»»

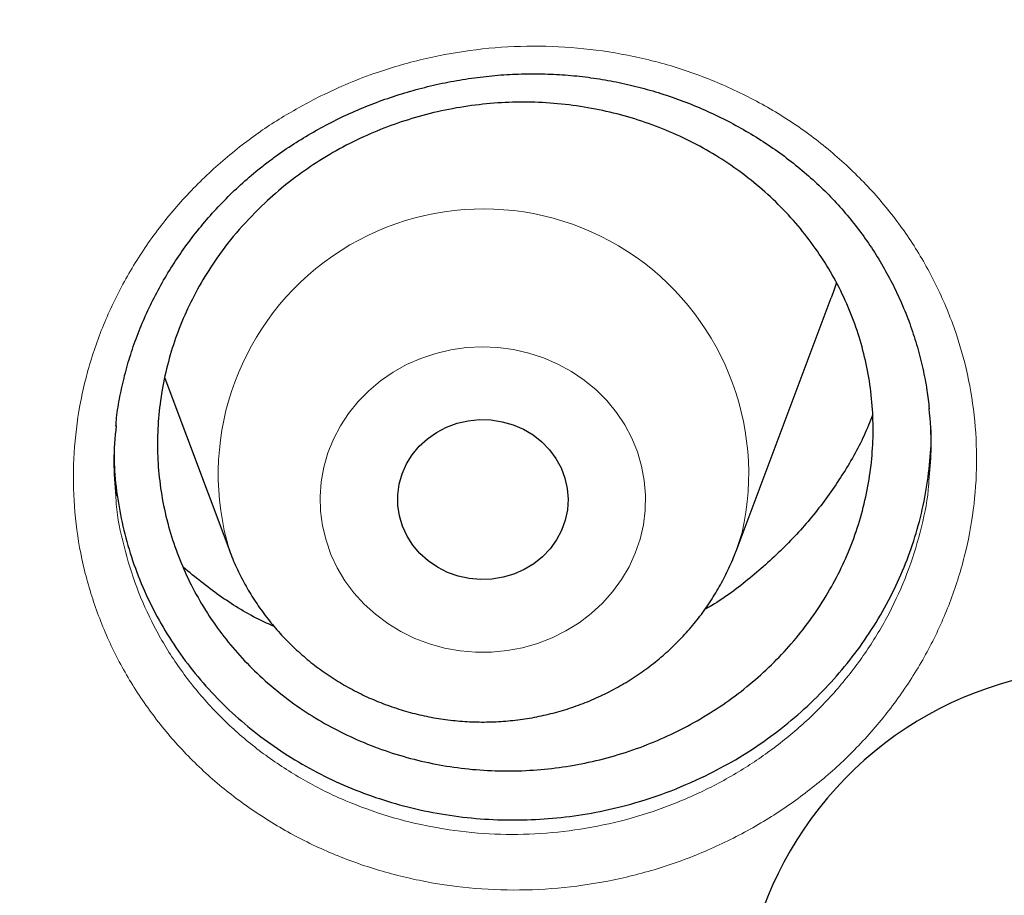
# Model space of a CAD drawing. Header units: millimetres. Extents: x 8 to 969, y 12 to 960.
# Tile 93 of 256: x 380.4 to 385.02, y 798.55 to 802.66. Entities that reach past the tile are written whole.
import ezdxf

# ---------------------------------------------------------------- set-up
doc = ezdxf.new("R2010")
doc.units = ezdxf.units.MM

msp = doc.modelspace()

# ---------------------------------------------------------------- linework, layer by layer
at = {"color": 7, "linetype": 'Continuous', "lineweight": 30}
for p, q in [((383.764, 800.165), (384.2111, 801.3532)), ((381.083, 800.9755), (381.3879, 800.165))]:
    msp.add_line(p, q, dxfattribs=at)
at = {"color": 7, "linetype": 'Continuous', "lineweight": 30, "flags": 128}
for points in [[(384.2359, 801.4246), (384.2216, 801.3821), (384.2111, 801.3532)], [(382.9623, 800.3094), (382.9451, 800.2619), (382.9212, 800.217), (382.8912, 800.1756), (382.8556, 800.1382), (382.815, 800.1056), (382.7701, 800.0784), (382.7218, 800.057), (382.6708, 800.0419), (382.6182, 800.0333), (382.5648, 800.0314), (382.5116, 800.0361), (382.4596, 800.0475), (382.4096, 800.0652), (382.3626, 800.0891), (382.3194, 800.1186), (382.2808, 800.1532), (382.2474, 800.1924), (382.22, 800.2354), (382.1988, 800.2814), (382.1844, 800.3297), (382.177, 800.3793), (382.1767, 800.4295), (382.1835, 800.4792), (382.1974, 800.5276), (382.2179, 800.5739), (382.2449, 800.6172), (382.2778, 800.6567), (382.316, 800.6917), (382.3588, 800.7217), (382.4056, 800.746), (382.4553, 800.7643), (382.5072, 800.7762), (382.5604, 800.7815), (382.6138, 800.7801), (382.6665, 800.772), (382.7176, 800.7574), (382.7662, 800.7366), (382.8114, 800.7099), (382.8524, 800.6777), (382.8885, 800.6407), (382.919, 800.5995), (382.9433, 800.5549), (382.9611, 800.5076), (382.9721, 800.4586), (382.9759, 800.4086), (382.9727, 800.3585), (382.9623, 800.3094)]]:
    msp.add_lwpolyline(points, dxfattribs=at)
at = {"color": 252, "linetype": 'Continuous', "lineweight": 0, "flags": 128}
for points in [[(383.3136, 800.2211), (383.2911, 800.1551), (383.2619, 800.0916), (383.2263, 800.0309), (383.1846, 799.9738), (383.1372, 799.9207), (383.0846, 799.8721), (383.0273, 799.8286), (382.9657, 799.7904), (382.9005, 799.758), (382.8323, 799.7316), (382.7617, 799.7115), (382.6893, 799.698), (382.6159, 799.691), (382.5421, 799.6907), (382.4687, 799.6971), (382.3962, 799.7102), (382.3254, 799.7297), (382.2569, 799.7556), (382.1915, 799.7875), (382.1296, 799.8252), (382.0719, 799.8683), (382.0189, 799.9165), (381.971, 799.9692), (381.9289, 800.026), (381.8928, 800.0864), (381.863, 800.1497), (381.8399, 800.2155), (381.8237, 800.283), (381.8145, 800.3517), (381.8125, 800.4209), (381.8175, 800.49), (381.8296, 800.5583), (381.8487, 800.6251), (381.8746, 800.69), (381.9071, 800.7521), (381.9457, 800.8111), (381.9903, 800.8663), (382.0403, 800.9172), (382.0954, 800.9633), (382.1549, 801.0042), (382.2183, 801.0395), (382.2851, 801.069), (382.3546, 801.0922), (382.4262, 801.109), (382.4992, 801.1193), (382.5729, 801.1229), (382.6466, 801.1199), (382.7196, 801.1101), (382.7914, 801.0938), (382.8611, 801.0711), (382.9281, 801.0422), (382.9919, 801.0074), (383.0517, 800.9669), (383.1072, 800.9212), (383.1576, 800.8707), (383.2027, 800.8158), (383.2418, 800.7572), (383.2748, 800.6953), (383.3013, 800.6306), (383.3209, 800.5639), (383.3336, 800.4957), (383.3393, 800.4267), (383.3378, 800.3575), (383.3292, 800.2887), (383.3136, 800.2211)], [(383.7929, 800.2525), (383.7648, 800.167), (383.7644, 800.166)]]:
    msp.add_lwpolyline(points, dxfattribs=at)
at = {"color": 252, "linetype": 'Continuous', "lineweight": 0}
msp.add_arc((382.5788, 800.5257), 1.2445, 347.3178, 196.7466, dxfattribs=at)
at = {"color": 7, "linetype": 'Continuous', "lineweight": 30}
msp.add_arc((385.506, 797.8963), 1.7198, 1.9004, 196.3605, dxfattribs=at)
at = {"color": 252, "linetype": 'Continuous', "lineweight": 0}
for points, knots in [([(365.5757, 837.0753), (365.0791, 837.0694), (364.0859, 837.0575), (362.5991, 836.9619), (361.118, 836.8094), (359.6455, 836.5948), (358.1932, 836.3216), (356.7636, 835.9912), (355.359, 835.6056), (353.9736, 835.1634), (352.6014, 834.6624), (351.2458, 834.1025), (349.9097, 833.4835), (348.6039, 832.8101), (347.331, 832.0834), (346.1007, 831.3095), (344.9146, 830.491), (343.7743, 829.6304), (342.6746, 828.7244), (341.6113, 827.769), (340.5872, 826.765), (339.6053, 825.7134), (338.6736, 824.6224), (337.794, 823.4939), (336.973, 822.3373), (336.2111, 821.1552), (335.5086, 819.9508), (334.8622, 818.7189), (334.2695, 817.4544), (333.7329, 816.1592), (333.2547, 814.8351), (332.8389, 813.4926), (332.4865, 812.1343), (332.1998, 810.7709), (331.9781, 809.4053), (331.8204, 808.0403), (331.7256, 806.6701), (331.6938, 805.2891), (331.7264, 803.8998), (331.8246, 802.5048), (331.9881, 801.1152), (332.2166, 799.7338), (332.5078, 798.3712), (332.86, 797.03), (333.271, 795.7122), (333.7424, 794.4124), (334.2763, 793.125), (334.8731, 791.8531), (335.5328, 790.5996), (336.2507, 789.3746), (337.0253, 788.1803), (337.8501, 787.026), (338.7225, 785.9133), (339.6398, 784.8434), (340.6055, 783.8117), (341.6238, 782.8141), (342.694, 781.8533), (343.8148, 780.9321), (344.9777, 780.058), (346.1805, 779.2327), (347.4134, 778.4625), (348.6733, 777.7477), (349.9571, 777.0886), (351.27, 776.4821), (352.6178, 775.9261), (353.9984, 775.4226), (355.4097, 774.9739), (356.8406, 774.5839), (358.2884, 774.2533), (359.7416, 773.9843), (361.1972, 773.7762), (362.6521, 773.6283), (364.1125, 773.5393), (365.5845, 773.5095), (367.0654, 773.5401), (368.5522, 773.6322), (370.0333, 773.7856), (371.5058, 774), (372.9581, 774.2733), (374.3877, 774.6036), (375.7923, 774.9893), (377.1778, 775.4315), (378.5499, 775.9324), (379.9056, 776.4923), (381.2416, 777.1113), (382.5474, 777.7848), (383.8203, 778.5115), (385.0506, 779.2854), (386.2367, 780.1039), (387.377, 780.9645), (388.4767, 781.8704), (389.54, 782.8259), (390.5641, 783.8299), (391.546, 784.8814), (392.4777, 785.9725), (393.3573, 787.1009), (394.1783, 788.2576), (394.9402, 789.4396), (395.6427, 790.6441), (396.2891, 791.8759), (396.8818, 793.1404), (397.4184, 794.4357), (397.8966, 795.7597), (398.3124, 797.1022), (398.6648, 798.4606), (398.9515, 799.824), (399.1732, 801.1896), (399.3309, 802.5546), (399.4257, 803.9247), (399.4575, 805.3057), (399.4249, 806.6951), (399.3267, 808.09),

««

- [WHAT THIS TASK INVOLVES]:
Please set down the whole listing above exactly and skip every picture.

- [OUTPUT OF THE EXERCISE]:
# Model space of a CAD drawing. Header units: millimetres. Extents: x 8 to 969, y 12 to 960.
# Tile 93 of 256: x 380.4 to 385.02, y 798.55 to 802.66. Entities that reach past the tile are written whole.
import ezdxf

# ---------------------------------------------------------------- set-up
doc = ezdxf.new("R2010")
doc.units = ezdxf.units.MM

msp = doc.modelspace()

# ---------------------------------------------------------------- linework, layer by layer
at = {"color": 7, "linetype": 'Continuous', "lineweight": 30}
for p, q in [((383.764, 800.165), (384.2111, 801.3532)), ((381.083, 800.9755), (381.3879, 800.165))]:
    msp.add_line(p, q, dxfattribs=at)
at = {"color": 7, "linetype": 'Continuous', "lineweight": 30, "flags": 128}
for points in [[(384.2359, 801.4246), (384.2216, 801.3821), (384.2111, 801.3532)], [(382.9623, 800.3094), (382.9451, 800.2619), (382.9212, 800.217), (382.8912, 800.1756), (382.8556, 800.1382), (382.815, 800.1056), (382.7701, 800.0784), (382.7218, 800.057), (382.6708, 800.0419), (382.6182, 800.0333), (382.5648, 800.0314), (382.5116, 800.0361), (382.4596, 800.0475), (382.4096, 800.0652), (382.3626, 800.0891), (382.3194, 800.1186), (382.2808, 800.1532), (382.2474, 800.1924), (382.22, 800.2354), (382.1988, 800.2814), (382.1844, 800.3297), (382.177, 800.3793), (382.1767, 800.4295), (382.1835, 800.4792), (382.1974, 800.5276), (382.2179, 800.5739), (382.2449, 800.6172), (382.2778, 800.6567), (382.316, 800.6917), (382.3588, 800.7217), (382.4056, 800.746), (382.4553, 800.7643), (382.5072, 800.7762), (382.5604, 800.7815), (382.6138, 800.7801), (382.6665, 800.772), (382.7176, 800.7574), (382.7662, 800.7366), (382.8114, 800.7099), (382.8524, 800.6777), (382.8885, 800.6407), (382.919, 800.5995), (382.9433, 800.5549), (382.9611, 800.5076), (382.9721, 800.4586), (382.9759, 800.4086), (382.9727, 800.3585), (382.9623, 800.3094)]]:
    msp.add_lwpolyline(points, dxfattribs=at)
at = {"color": 252, "linetype": 'Continuous', "lineweight": 0, "flags": 128}
for points in [[(383.3136, 800.2211), (383.2911, 800.1551), (383.2619, 800.0916), (383.2263, 800.0309), (383.1846, 799.9738), (383.1372, 799.9207), (383.0846, 799.8721), (383.0273, 799.8286), (382.9657, 799.7904), (382.9005, 799.758), (382.8323, 799.7316), (382.7617, 799.7115), (382.6893, 799.698), (382.6159, 799.691), (382.5421, 799.6907), (382.4687, 799.6971), (382.3962, 799.7102), (382.3254, 799.7297), (382.2569, 799.7556), (382.1915, 799.7875), (382.1296, 799.8252), (382.0719, 799.8683), (382.0189, 799.9165), (381.971, 799.9692), (381.9289, 800.026), (381.8928, 800.0864), (381.863, 800.1497), (381.8399, 800.2155), (381.8237, 800.283), (381.8145, 800.3517), (381.8125, 800.4209), (381.8175, 800.49), (381.8296, 800.5583), (381.8487, 800.6251), (381.8746, 800.69), (381.9071, 800.7521), (381.9457, 800.8111), (381.9903, 800.8663), (382.0403, 800.9172), (382.0954, 800.9633), (382.1549, 801.0042), (382.2183, 801.0395), (382.2851, 801.069), (382.3546, 801.0922), (382.4262, 801.109), (382.4992, 801.1193), (382.5729, 801.1229), (382.6466, 801.1199), (382.7196, 801.1101), (382.7914, 801.0938), (382.8611, 801.0711), (382.9281, 801.0422), (382.9919, 801.0074), (383.0517, 800.9669), (383.1072, 800.9212), (383.1576, 800.8707), (383.2027, 800.8158), (383.2418, 800.7572), (383.2748, 800.6953), (383.3013, 800.6306), (383.3209, 800.5639), (383.3336, 800.4957), (383.3393, 800.4267), (383.3378, 800.3575), (383.3292, 800.2887), (383.3136, 800.2211)], [(383.7929, 800.2525), (383.7648, 800.167), (383.7644, 800.166)]]:
    msp.add_lwpolyline(points, dxfattribs=at)
at = {"color": 252, "linetype": 'Continuous', "lineweight": 0}
msp.add_arc((382.5788, 800.5257), 1.2445, 347.3178, 196.7466, dxfattribs=at)
at = {"color": 7, "linetype": 'Continuous', "lineweight": 30}
msp.add_arc((385.506, 797.8963), 1.7198, 1.9004, 196.3605, dxfattribs=at)
at = {"color": 252, "linetype": 'Continuous', "lineweight": 0}
for points, knots in [([(365.5757, 837.0753), (365.0791, 837.0694), (364.0859, 837.0575), (362.5991, 836.9619), (361.118, 836.8094), (359.6455, 836.5948), (358.1932, 836.3216), (356.7636, 835.9912), (355.359, 835.6056), (353.9736, 835.1634), (352.6014, 834.6624), (351.2458, 834.1025), (349.9097, 833.4835), (348.6039, 832.8101), (347.331, 832.0834), (346.1007, 831.3095), (344.9146, 830.491), (343.7743, 829.6304), (342.6746, 828.7244), (341.6113, 827.769), (340.5872, 826.765), (339.6053, 825.7134), (338.6736, 824.6224), (337.794, 823.4939), (336.973, 822.3373), (336.2111, 821.1552), (335.5086, 819.9508), (334.8622, 818.7189), (334.2695, 817.4544), (333.7329, 816.1592), (333.2547, 814.8351), (332.8389, 813.4926), (332.4865, 812.1343), (332.1998, 810.7709), (331.9781, 809.4053), (331.8204, 808.0403), (331.7256, 806.6701), (331.6938, 805.2891), (331.7264, 803.8998), (331.8246, 802.5048), (331.9881, 801.1152), (332.2166, 799.7338), (332.5078, 798.3712), (332.86, 797.03), (333.271, 795.7122), (333.7424, 794.4124), (334.2763, 793.125), (334.8731, 791.8531), (335.5328, 790.5996), (336.2507, 789.3746), (337.0253, 788.1803), (337.8501, 787.026), (338.7225, 785.9133), (339.6398, 784.8434), (340.6055, 783.8117), (341.6238, 782.8141), (342.694, 781.8533), (343.8148, 780.9321), (344.9777, 780.058), (346.1805, 779.2327), (347.4134, 778.4625), (348.6733, 777.7477), (349.9571, 777.0886), (351.27, 776.4821), (352.6178, 775.9261), (353.9984, 775.4226), (355.4097, 774.9739), (356.8406, 774.5839), (358.2884, 774.2533), (359.7416, 773.9843), (361.1972, 773.7762), (362.6521, 773.6283), (364.1125, 773.5393), (365.5845, 773.5095), (367.0654, 773.5401), (368.5522, 773.6322), (370.0333, 773.7856), (371.5058, 774), (372.9581, 774.2733), (374.3877, 774.6036), (375.7923, 774.9893), (377.1778, 775.4315), (378.5499, 775.9324), (379.9056, 776.4923), (381.2416, 777.1113), (382.5474, 777.7848), (383.8203, 778.5115), (385.0506, 779.2854), (386.2367, 780.1039), (387.377, 780.9645), (388.4767, 781.8704), (389.54, 782.8259), (390.5641, 783.8299), (391.546, 784.8814), (392.4777, 785.9725), (393.3573, 787.1009), (394.1783, 788.2576), (394.9402, 789.4396), (395.6427, 790.6441), (396.2891, 791.8759), (396.8818, 793.1404), (397.4184, 794.4357), (397.8966, 795.7597), (398.3124, 797.1022), (398.6648, 798.4606), (398.9515, 799.824), (399.1732, 801.1896), (399.3309, 802.5546), (399.4257, 803.9247), (399.4575, 805.3057), (399.4249, 806.6951), (399.3267, 808.09),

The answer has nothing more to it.